Is it just me or is this topic getting old and depressing?  We went through this in Dec., Jan., and now Feb..  It seems that every month we can look forward to the Resurrection of this topic.

Don't get me wrong, I believe the USDA Food Safety Guidelines are necessary and save countless people from food poisoning.

I also believe that probably 99% of the households in the USA have never read nor heard of them but still somehow managed to raise families.  A lot of home cooks probably don't even own a thermometer.

This is my favorite site to visit and Smoking Meat is supposed to be fun not a chore where you have to worry that if I do this wrong someone is going to be called by the USDA for doing it wrong.

I guess what I am saying is the constant bickering in threads like this is taking the fun out of Smoking.

Lets move on to fun things and let this thread DIE...


----------



## ronp (Feb 23, 2010)

I am with you Paul Jeff has established the rules here and we should either follow them or just read them and not challenge them.


----------



## chefrob (Feb 23, 2010)

i am disappointed at this comment.......while i may not have the same credentials on paper i have been in the business for close to 30 yrs and have taken all of the classes that bob is certified to teach and have always been in the very hi 90's when tested (96 was the lowest ever) and according to this statement i still would not have the SAME credentials as bob. does this mean i am not able to come forward to comment on this subject? for me this is very detrimental for the food safety discussion as it sets up a platform of "culinary technical elitism" that tends to shun those of "lesser" knowledge just looking to find a "simple" answer. as a foodservce proessional i will always try to give help to someone who is looking for it.......not out of an egotistical drive or for the need for self validation but simply because of the respect, devotion, and love that i have for my craft. 
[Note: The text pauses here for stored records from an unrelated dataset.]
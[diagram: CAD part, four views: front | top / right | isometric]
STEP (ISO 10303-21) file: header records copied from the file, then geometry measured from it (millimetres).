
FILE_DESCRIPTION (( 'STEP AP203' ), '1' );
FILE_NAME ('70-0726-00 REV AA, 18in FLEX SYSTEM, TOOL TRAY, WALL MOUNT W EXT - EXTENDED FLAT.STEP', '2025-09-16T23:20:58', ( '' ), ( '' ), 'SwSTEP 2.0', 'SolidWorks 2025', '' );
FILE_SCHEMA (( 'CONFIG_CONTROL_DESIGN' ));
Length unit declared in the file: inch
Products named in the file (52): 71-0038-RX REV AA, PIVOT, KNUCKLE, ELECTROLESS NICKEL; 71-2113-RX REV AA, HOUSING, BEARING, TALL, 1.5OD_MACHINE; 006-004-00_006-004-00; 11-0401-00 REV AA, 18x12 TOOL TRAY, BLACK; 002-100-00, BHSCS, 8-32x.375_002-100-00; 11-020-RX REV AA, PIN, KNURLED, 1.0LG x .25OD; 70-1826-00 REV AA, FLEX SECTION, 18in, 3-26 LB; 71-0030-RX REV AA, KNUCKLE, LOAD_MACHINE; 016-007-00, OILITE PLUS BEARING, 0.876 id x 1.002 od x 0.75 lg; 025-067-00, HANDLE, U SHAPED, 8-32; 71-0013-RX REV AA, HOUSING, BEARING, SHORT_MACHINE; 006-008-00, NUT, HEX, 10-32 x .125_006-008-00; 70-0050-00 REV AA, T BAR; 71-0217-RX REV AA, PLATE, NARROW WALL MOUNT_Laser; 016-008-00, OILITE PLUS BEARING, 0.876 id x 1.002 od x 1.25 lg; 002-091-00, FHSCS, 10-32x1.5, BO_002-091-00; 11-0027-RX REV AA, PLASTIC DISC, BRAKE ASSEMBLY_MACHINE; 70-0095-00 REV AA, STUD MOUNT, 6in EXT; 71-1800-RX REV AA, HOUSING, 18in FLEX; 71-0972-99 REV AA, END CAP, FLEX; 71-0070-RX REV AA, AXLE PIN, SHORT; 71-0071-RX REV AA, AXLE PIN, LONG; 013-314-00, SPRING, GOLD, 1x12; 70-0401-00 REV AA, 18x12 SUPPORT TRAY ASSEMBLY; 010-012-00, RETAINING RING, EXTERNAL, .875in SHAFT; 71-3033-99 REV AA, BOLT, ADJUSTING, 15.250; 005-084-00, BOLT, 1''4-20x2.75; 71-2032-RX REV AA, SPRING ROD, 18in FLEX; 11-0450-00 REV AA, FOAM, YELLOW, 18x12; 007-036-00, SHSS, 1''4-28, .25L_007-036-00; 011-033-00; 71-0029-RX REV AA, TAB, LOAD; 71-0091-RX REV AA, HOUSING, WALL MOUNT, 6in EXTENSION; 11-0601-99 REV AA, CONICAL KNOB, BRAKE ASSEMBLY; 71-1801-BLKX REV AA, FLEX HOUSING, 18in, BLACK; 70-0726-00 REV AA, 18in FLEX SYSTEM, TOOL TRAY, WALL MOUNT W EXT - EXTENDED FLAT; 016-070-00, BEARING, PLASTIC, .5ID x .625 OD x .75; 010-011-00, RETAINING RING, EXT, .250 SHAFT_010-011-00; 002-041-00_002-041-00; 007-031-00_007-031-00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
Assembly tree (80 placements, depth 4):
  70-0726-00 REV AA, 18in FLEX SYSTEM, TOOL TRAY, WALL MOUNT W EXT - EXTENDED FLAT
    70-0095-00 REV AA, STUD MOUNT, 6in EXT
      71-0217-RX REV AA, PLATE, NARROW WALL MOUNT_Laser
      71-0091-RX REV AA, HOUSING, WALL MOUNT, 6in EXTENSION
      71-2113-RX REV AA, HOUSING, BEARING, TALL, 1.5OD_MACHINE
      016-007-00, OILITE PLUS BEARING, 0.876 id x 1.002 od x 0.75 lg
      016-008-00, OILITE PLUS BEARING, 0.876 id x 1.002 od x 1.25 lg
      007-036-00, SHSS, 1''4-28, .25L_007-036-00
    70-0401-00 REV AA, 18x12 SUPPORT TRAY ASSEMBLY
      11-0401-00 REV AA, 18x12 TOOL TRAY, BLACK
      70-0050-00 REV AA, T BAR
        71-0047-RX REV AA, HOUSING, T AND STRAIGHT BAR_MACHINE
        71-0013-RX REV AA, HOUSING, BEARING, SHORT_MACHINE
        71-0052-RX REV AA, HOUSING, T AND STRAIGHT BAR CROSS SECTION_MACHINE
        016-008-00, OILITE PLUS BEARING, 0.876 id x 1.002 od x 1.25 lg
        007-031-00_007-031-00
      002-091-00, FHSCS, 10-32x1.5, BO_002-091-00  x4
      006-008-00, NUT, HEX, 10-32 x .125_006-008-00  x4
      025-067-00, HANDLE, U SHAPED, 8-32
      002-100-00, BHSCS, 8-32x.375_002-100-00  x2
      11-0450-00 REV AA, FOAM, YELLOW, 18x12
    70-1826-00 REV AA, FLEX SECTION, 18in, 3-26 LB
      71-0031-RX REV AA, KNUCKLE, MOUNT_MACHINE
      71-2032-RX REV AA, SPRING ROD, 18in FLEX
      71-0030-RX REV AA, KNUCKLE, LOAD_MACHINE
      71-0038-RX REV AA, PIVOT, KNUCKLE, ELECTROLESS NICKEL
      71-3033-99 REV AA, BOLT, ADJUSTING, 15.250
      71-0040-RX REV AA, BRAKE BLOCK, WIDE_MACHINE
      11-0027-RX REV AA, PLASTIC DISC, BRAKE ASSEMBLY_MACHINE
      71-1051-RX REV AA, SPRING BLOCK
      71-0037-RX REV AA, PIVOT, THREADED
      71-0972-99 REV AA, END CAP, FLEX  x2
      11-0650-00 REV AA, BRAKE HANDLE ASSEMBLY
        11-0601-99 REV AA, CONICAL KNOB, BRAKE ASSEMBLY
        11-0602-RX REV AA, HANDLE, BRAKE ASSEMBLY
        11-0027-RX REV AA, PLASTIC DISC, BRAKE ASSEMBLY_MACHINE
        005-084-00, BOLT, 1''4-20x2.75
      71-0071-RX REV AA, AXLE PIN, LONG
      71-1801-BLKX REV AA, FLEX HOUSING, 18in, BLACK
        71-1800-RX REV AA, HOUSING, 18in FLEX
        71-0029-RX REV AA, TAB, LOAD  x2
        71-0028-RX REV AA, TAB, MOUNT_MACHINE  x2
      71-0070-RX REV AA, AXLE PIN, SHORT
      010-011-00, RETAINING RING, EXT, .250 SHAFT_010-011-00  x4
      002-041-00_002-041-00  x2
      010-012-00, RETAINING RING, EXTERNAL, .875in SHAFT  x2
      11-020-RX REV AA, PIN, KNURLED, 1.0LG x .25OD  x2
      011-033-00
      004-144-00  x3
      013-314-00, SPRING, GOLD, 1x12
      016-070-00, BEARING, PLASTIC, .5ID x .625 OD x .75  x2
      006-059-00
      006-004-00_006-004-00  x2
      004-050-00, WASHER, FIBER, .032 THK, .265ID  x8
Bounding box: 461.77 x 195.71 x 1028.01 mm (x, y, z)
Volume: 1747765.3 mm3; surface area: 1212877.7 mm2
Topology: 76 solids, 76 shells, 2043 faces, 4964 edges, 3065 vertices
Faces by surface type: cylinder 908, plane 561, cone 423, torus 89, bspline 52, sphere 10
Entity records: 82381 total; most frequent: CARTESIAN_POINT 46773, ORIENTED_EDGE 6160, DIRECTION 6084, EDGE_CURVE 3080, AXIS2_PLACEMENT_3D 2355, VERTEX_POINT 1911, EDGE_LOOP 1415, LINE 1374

i came here to this forum because i wanted to learn something that in my 25+ years of learning and working at my craft simply had no knowledge of how to smoke meats. sure i knew the "industry" way of making ribs but that is not the "honest" way. when i came here i took my title/badge off so i could learn from others who had been doing this for a while. did they have a "certifcation"......no, but they still had their advice and i listened, tried and changed things around to suit my likes. my point is that when a discussion takes place new ideas/problems/solutions come about and sometimes those of us at the "top" learn form those at the "bottom" of what ever type of rating system/catagory people placement type org. . sometimes people just want a simple answer of yes or no with a short reason. i clicked on the USDA site once........are you kidding me? i don't need to read 800 pgs to tell me how to handle/cook/hold food safely.....nor do i need it to tell someone else how to do the same. my numbers may not be the same as the USDA's and unlike the USDA's my standards have NEVER changed and i will guarantee i will NEVER get anyone sick. 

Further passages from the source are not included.